N'importe quel film, je viens d'acheter un iPad, et je voudrais transférer des DVD.

Merci


----------



## pepeye66 (12 Avril 2013)

Tes films doivent être en ".m4v"
Pour ce faire tu pourras les convertir dans ce format avec (par exemple) ce logiciel là:
http://handbrake.softonic.fr/mac
il est plus facile pour toi que le résultat de la conversion soit envoyé sur le bureau de ton Mac.
Ensuite, tu ouvres itunes section films et tu glisses le film convertit du bureau sur la zone "iTunes > films"
Et voili !


----------



## ckyja (12 Avril 2013)

Le plus simple est d'installer sur le iPad une application pour lire tout type de vidéo, genre "Ace Player". Ensuite dans itunes glisser le film dans Ace Player (Mais il y en a d'autres)


----------



## pepeye66 (13 Avril 2013)

ckyja a dit:


> Le plus simple est d'installer sur le iPad une application pour lire tout type de vidéo, genre "Ace Player". Ensuite dans itunes glisser le film dans Ace Player (Mais il y en a d'autres)



Es tu sur de déjà pouvoir mettre tout type de vidéos dans iTunes ?


----------



## ckyja (14 Avril 2013)

iTunes sert juste à charger le film dans le logiciel de lecture video sur le iPad. Dans mon exemple iTunes sert à charger votre film dans AcePlayer. C'est lui qui lira votre film sur iPad, non pas iTunes. 
Vous pouvez également installer sur votre ordi le logiciel gratuit "DiskAid" qui vous servira à transférer tous types de fichiers de votre ordi vers iPad et inversement.


----------



## chatisis (15 Avril 2013)

Merci beaucoup.


----------



## pepeye66 (15 Avril 2013)

chatisis a dit:


> Merci beaucoup.




Quelle sobriété !


----------



## chatisis (15 Avril 2013)

Bonjour,

Je ne comprends pas cette remarque.


----------



## pepeye66 (15 Avril 2013)

chatisis a dit:


> Bonjour,
> 
> Je ne comprends pas cette remarque.



Eh bien, c'est simple:
Tu as eu plusieurs propositions différentes et donc il nous serait agréable (et peut être utile) de savoir laquelle te convient le mieux...Ce serait sympa non ?


----------



## chatisis (16 Avril 2013)

Je n'ai utilisé aucune pour le moment, c'est peut être Handbrake qui me semble le mieux pour moi.

Merci.


----------



## pepeye66 (16 Avril 2013)

Pas de quoi


----------



## Dante059 (17 Avril 2013)

Aussi sec que le saucisson !


----------



## ana05 (21 Mars 2015)

ckyja a dit:


> Le plus simple est d'installer sur le iPad une application pour lire tout type de vidéo, genre "Ace Player". Ensuite dans itunes glisser le film dans Ace Player (Mais il y en a d'autres)

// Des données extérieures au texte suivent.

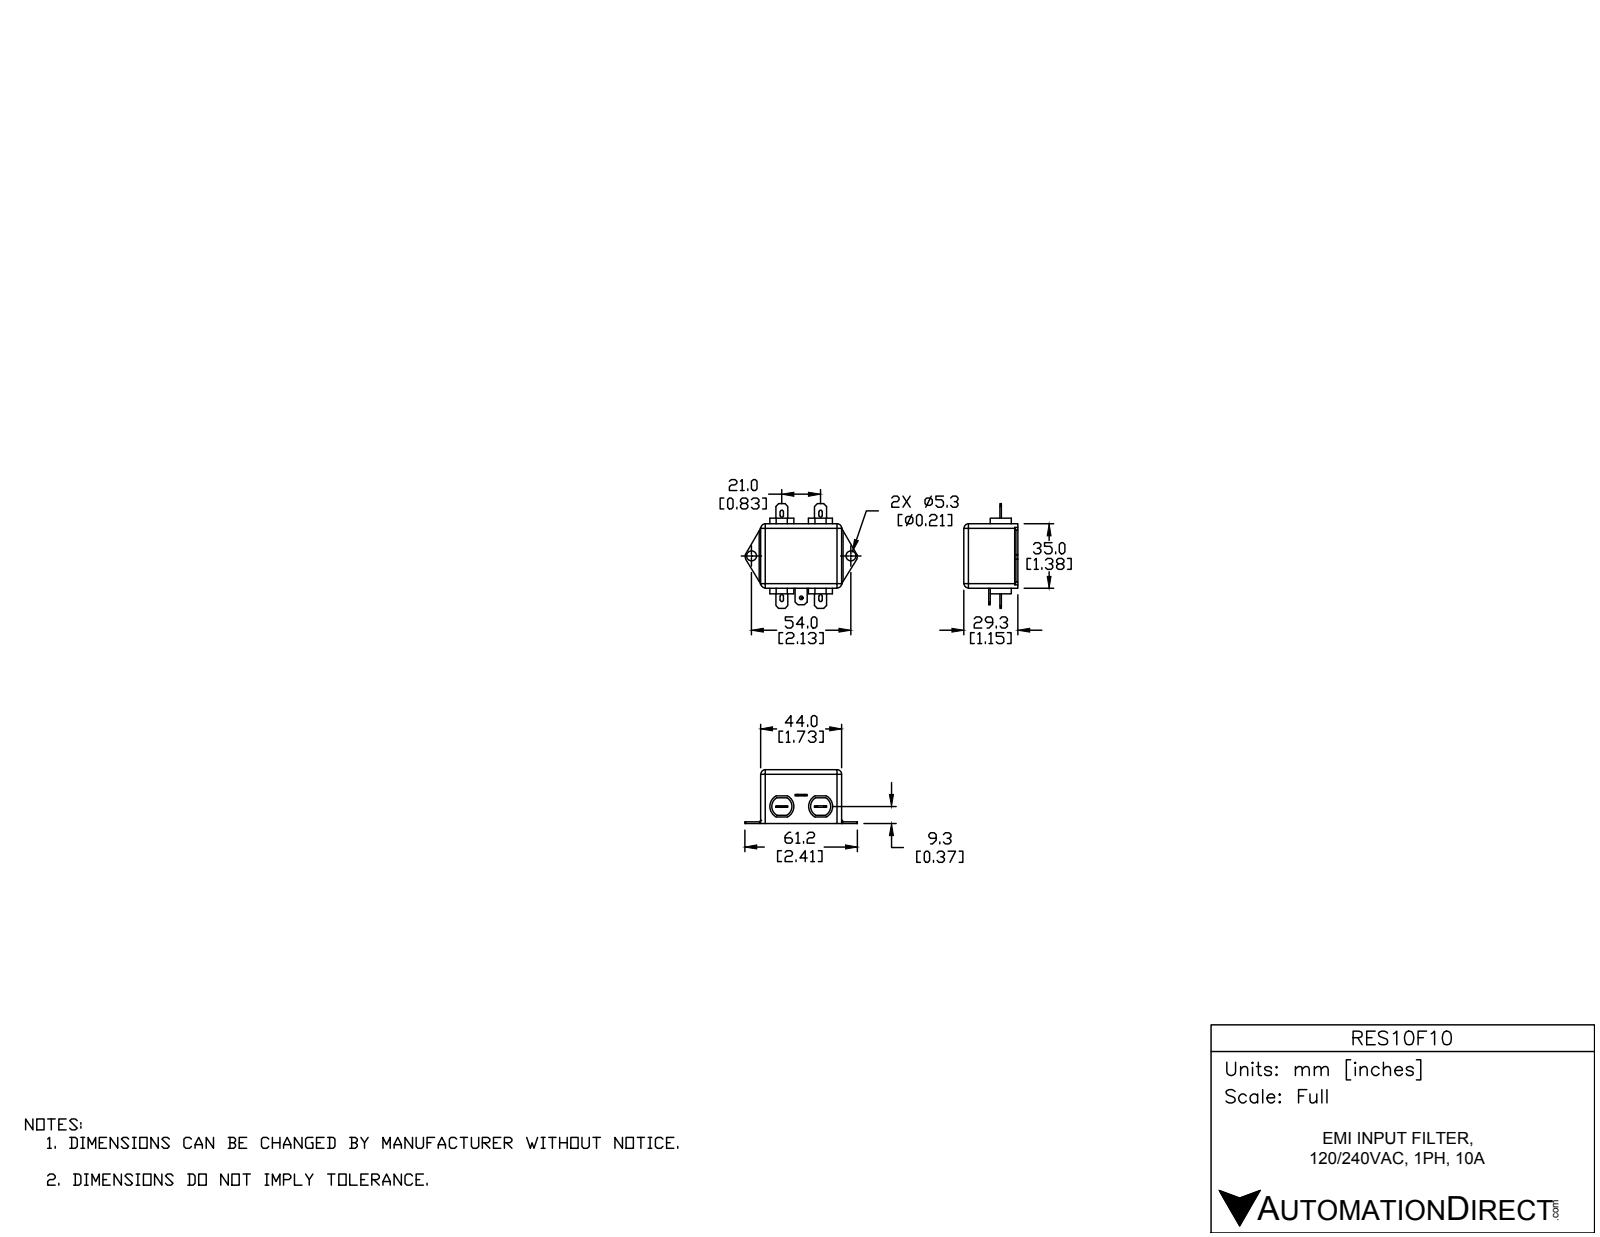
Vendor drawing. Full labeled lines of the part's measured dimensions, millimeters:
Part name (STEP PRODUCT): RES10F10
STEP written by: SolidWorks 2015 (AUTOMOTIVE_DESIGN)
Units: millimetres
Bodies: 1 solid, 137 faces (79 planar, 54 cylindrical, 4 other)
Overall size (bounding box): 62.99 × 56.8 × 29.3
Volume: 46 184 mm³ · Surface area: 9 278 mm²
Round holes (diameter × count): ⌀5.3 ×2, ⌀2 ×1
Partial cylindrical surfaces — rounded edges, fillets, slot ends (radius × count): R2.5 ×10, R0.9 ×8, R0.75 ×2, R5.5 ×2, R6.5 ×2
Main face-to-face distances: 29.3, 35, 44, 1.4, 36.4, 1, 0.8, 7.9, 8.9, 20.4
Hole centre spacings: 35.34, 54
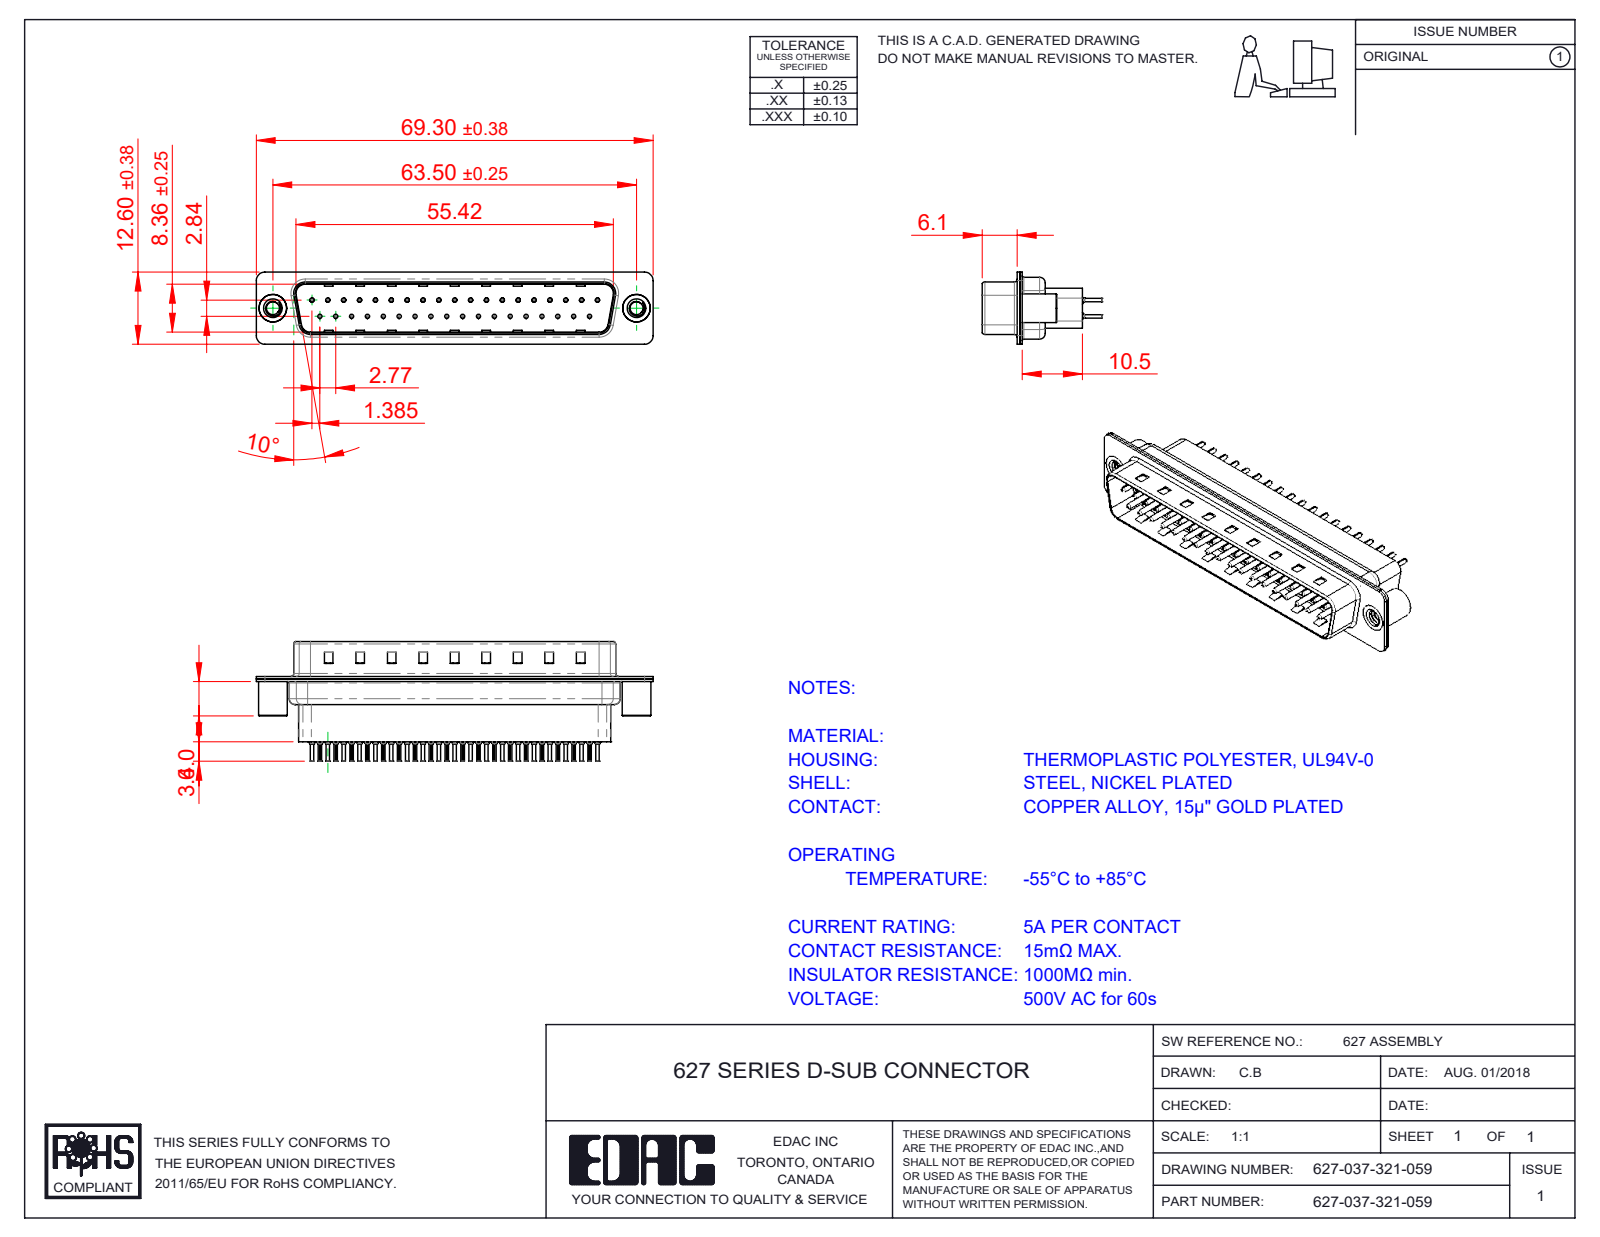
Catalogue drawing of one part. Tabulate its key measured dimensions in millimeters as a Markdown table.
| quantity | value |
| --- | --- |
| part name | 627-037-321-059; 627 Shell Rear_37 Contacts; 627 Shell Front_37 Contacts; 627 Contact Row 1_21H (+3 more) |
| STEP written by | SolidWorks 2020 (CONFIG_CONTROL_DESIGN) |
| units | millimeters |
| bodies | 42 solids, 4060 faces (1091 planar, 1530 cylindrical, 1439 other) |
| overall size | 69.3 × 20.8 × 12.6 |
| volume | 5 403 mm³ |
| surface area | 13 750 mm² |
| round holes (diameter × count) | 0.2 × 37, 0.35 × 37, 1.1 × 37, 1.6 × 37, 2.26 × 2, 4 × 2, 4.8 × 2 |
| round bosses / shafts (diameter × count) | 2 × 37, 1.5 × 37, 0.75 × 37, 0.6 × 37, 5 × 2, 4.9 × 2 |
| partial cylindrical surfaces (radius × count) | 0.1 × 74, 1.5 × 16, 2 × 12, 0.5 × 8, 1.6 × 8, 0.25 × 4, 0.6 × 4, 0.65 × 4 |
| main face-to-face distances | 0.4, 0.82, 9.58, 0.68, 7.68, 0.45, 1.5, 1.08, 8.08, 8.76 |
| hole center spacings | 3.16, 2.77, 5.54, 8.31, 5.04, 10.1, 11.08, 12.78 |

Salut! Je t'ai vu sur le forum pour le transfert de film sur ipad et ta méthode semblait être la plus simple. Je voudrais transférer des films sur mon ipad mais je ne sais pas comment faire et j'ai pas vraiment compris le truc avec Ace Player??? Tu pourrais me réexpliquer stp, c'est assez urgent.
Merci!!


----------